2000- present (faculty member at the University of Nevada)
This era has been characterized by an explosion of interest in ACT / RFT, by
grants and randomized trials, by the development of ACBS, by the creation of an
international community of scholars and clinicians interested in the work, and by the
publication of popular books and national media attention.
What is striking about this era, and one of the most obvious empirical indications that
ACT / RFT is a coherent but also distinct model, is the breadth of the ACT and RFT
work. Successful ACT outcome studies range from psychosis to smoking; from diabetes
management to professional burn-out; from prejudice to being more able to learn
empirically-supported treatments. Applied RFT studies are also now appearing (e.g.,
Berens & Hayes, 2007), expanding the overall research program.
The other thing that is striking is the strength of the community that supports the work.
My students in this era have included:
Winifred C. T. Ju, Center for the Disabled, Cohoes, NY
Adam M. Grundt, Dartmouth College
Patricia Bach, University of Chicago
Richard T. Bissett, University of Nevada, Reno
Elizabeth V. Gifford, Palo Alto Veteran's Administration and Stanford University
Dosheen Cook, Rural Clinics
Jennifer Gregg, San Jose State University
John T. Blackledge, University of Wollongong
Akihiko Masuda, Georgia State University
Alethea Varra, Seattle VA
Tim Weil, University of South Florida
Michael Twohig, Utah State University
Jason Lillis, Palo Alto VA
There is a LOT to say about this era, from how ACBS was formed; to the role of 9/11,
Ned Carter and Psychology Partners in the first WorldCon in Sweden in 2003; to the
craziness of the 2006 Time Magazine publicity. But it is too close to write about such
things now (January 2008)
Personally, I married Jacque Pistorello in 2005 and Little Stevie was born several months
later.
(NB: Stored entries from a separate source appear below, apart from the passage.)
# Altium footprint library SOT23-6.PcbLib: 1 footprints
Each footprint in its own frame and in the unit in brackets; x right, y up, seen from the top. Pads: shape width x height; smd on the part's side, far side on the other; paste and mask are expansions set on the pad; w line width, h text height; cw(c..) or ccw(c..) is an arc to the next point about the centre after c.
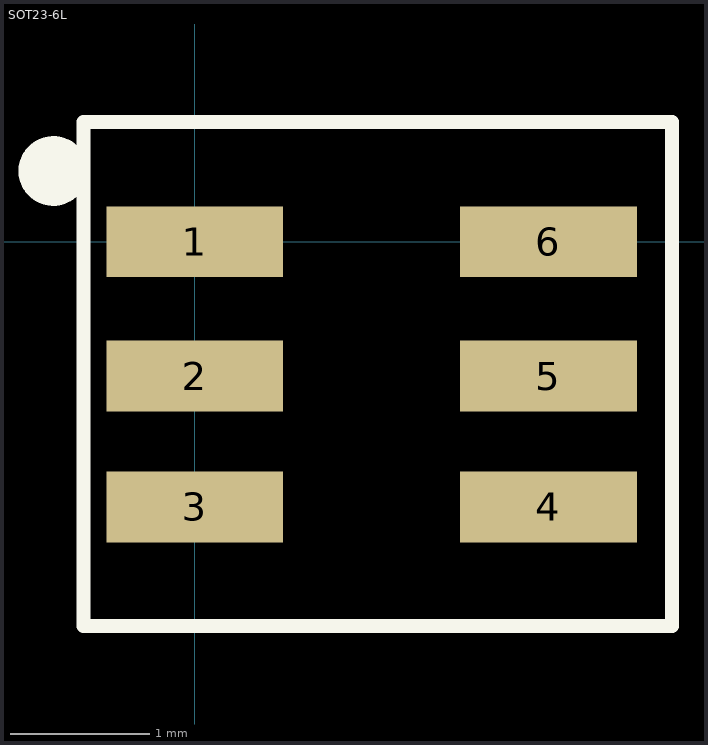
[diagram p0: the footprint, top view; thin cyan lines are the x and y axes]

## SOT23-6L [mil]
pads (6):
  rect 50x20 smd: 1(0,0) 2(0,-38) 3(0,-75) 4(100,-75) 5(100,-37.99) 6(100,0)
Top Overlay:
  circle w9.84: c-40,20 r4.92
  lines w3.94: -31.5,-108.66 135,-108.66 135,-64.02 135,7.24 135,33.86 -31.5,33.86 -31.5,-108.66

Jacque is a DBT expert in addition to ACT and Stevie is a little zen master.
My academic lineage
I trace my lineage primarily through John D. Cone (my dissertation advisor) and David
H. Barlow (my internship advisor).
John founded the journal Behavioral Assessment and studied under the psychometrician
Allen Edwards, who studied under A. R. Gilliland, who completed his degree at the
University of Chicago while it was still heavily influenced by the functionalist and
contextualistic thinking of such faculty members as James Rowland Angell, J. R. Kantor,
and John Dewey. Gilliland was a well known psychometrician (and founder of the
Midwestern Psychological Association), but published early well-developed work on the
law of effect in the 1930’s.
David Barlow studied under Harold Leitenberg who studied under basic behavior analyst
James Dinsmoor who studied under William Nathan (“Nate”) Schoenfeld. Schoenfeld,
along with Fred S. Keller (a roommate, fellow graduate student, and close friend of B.F.
Skinner at Harvard), coauthored the first major textbook in behavior analysis in 1950.
And as you can from what I wrote earlier most of my other major influences can also be
traced back to a functional, contextual behavioral tradition.